Postby alicej » 7 Oct 2011, 12:01am

I've only recently got into SPDs, and I really like them. I'm really glad I chose pedals with SPD on one side and a normal platform on the other.

When I'm stopping and starting a lot I like to have my right foot clipped in so I can pull the right pedal up when I've stopped, ready to set off again. Before SPDs I had to take my foot off, get it under the pedal to kick it up, then on top of the pedal to be ready to move - not a problem once or twice but much easier to be clipped in if I'm stopping and starting a lot e.g. in a queue of traffic.

When I'm stopping and starting a lot I like to have my left foot not clipped in, but still be able to pedal with it. That's because my left foot is the one I land on the ground with, so it goes on and off the pedal when I'm stopping and starting and I don't want to have to clip in and out and in and out when I'm only going a few pedal strokes at a time.

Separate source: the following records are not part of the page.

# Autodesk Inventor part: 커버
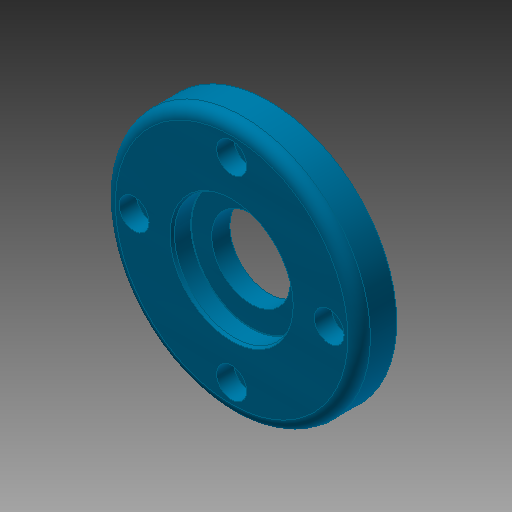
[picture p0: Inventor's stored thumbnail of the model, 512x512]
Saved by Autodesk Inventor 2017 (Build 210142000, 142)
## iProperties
Created: 2016-06
Part Number: 커버
Material: 알루미늄 6061
Document SubType Name: Modeling
Designer: mduedu
Density: 2.71 g/cm^3
Appearance: 하늘색 중간
Author: mduedu
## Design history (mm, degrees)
sketch "스케치1"
  geometry: C1 r 34 at (0, 0); 1 further point
  constraints: 1 centre point, 1 coincident
  dimensions: "d0" = 68 diameter of C1
extrude "돌출1" new body sketch "스케치1" distance "d2" = 10; taper "d3" = 0 deg
sketch "스케치2"
  geometry: C1 r 21 at (0, 0); 1 further point
  constraints: 1 centre point, 1 coincident
  dimensions: "d4" = 42 diameter of C1
extrude "돌출2" join sketch "스케치2" distance "d6" = 3; taper "d7" = 0 deg
fillet "모깎기1" dims "d8" = 3
hole "구멍1" diameter "d11" = 35; stored, may be unused: countersink angle "d15" = 90 deg, drill point angle "d17" = 0 deg; dims "d9" = 10, "d10" = 10, "d12" = 6, "d13" = 4, "d14" = 2, "d16" = 3
hole "구멍2" diameter "d20" = 32; stored, may be unused: countersink angle "d24" = 90 deg, drill point angle "d26" = 0 deg; dims "d21" = 6, "d22" = 4, "d23" = 2, "d25" = 5.2, "d46" = 10, "d47" = 10
hole "구멍3" diameter "d29" = 21; stored, may be unused: countersink angle "d33" = 90 deg, drill point angle "d35" = 0 deg; dims "d27" = 10, "d28" = 10, "d30" = 6, "d31" = 4, "d32" = 2, "d34" = 5
fillet "모깎기2" dims "d36" = 3
fillet "모깎기3" dims "d37" = 0.1
chamfer "모따기1" distance "d38" = 0.75; stored, may be unused: second distance "d39" = 2, angle "d40" = 30 deg
chamfer "모따기2" distance "d42" = 0.5; stored, may be unused: second distance "d43" = 2, angle "d44" = 30 deg
sketch "스케치3" dims "d48" = 52
  geometry: 6 further points
  constraints: 2 vertical alignment, 1 coincident, 7 other
  dimensions: "d51" = 360 deg dimension on point (0, 0) point (0, 26) (derived)
sketch "스케치4"
  geometry: 4 further points
hole "구멍4" sketch "스케치4" at (0, 26), (-26, 0), (0, -26), (26, 0) diameter "d53" = 4.5; stored, may be unused: countersink angle "d57" = 90 deg, drill point angle "d59" = 0 deg; dims "d54" = 6, "d55" = 8, "d56" = 4.6, "d58" = 8
node "솔리드1"

I've found that the SPD side is heavier, meaning that they quickly turn to be flat side up if I stop pedalling for about a second. That has meant that, with a little practice, I can easily choose which side up I want them at any time, which is working out pretty well for me. I don't know if all one-sided pedals will do this - mine are these http://www.ebay.co.uk/itm/Wellgo-WPD-99 ... 256807c91b (that seller comes highly recommended too BTW viewtopic.php?f=18&t=23274)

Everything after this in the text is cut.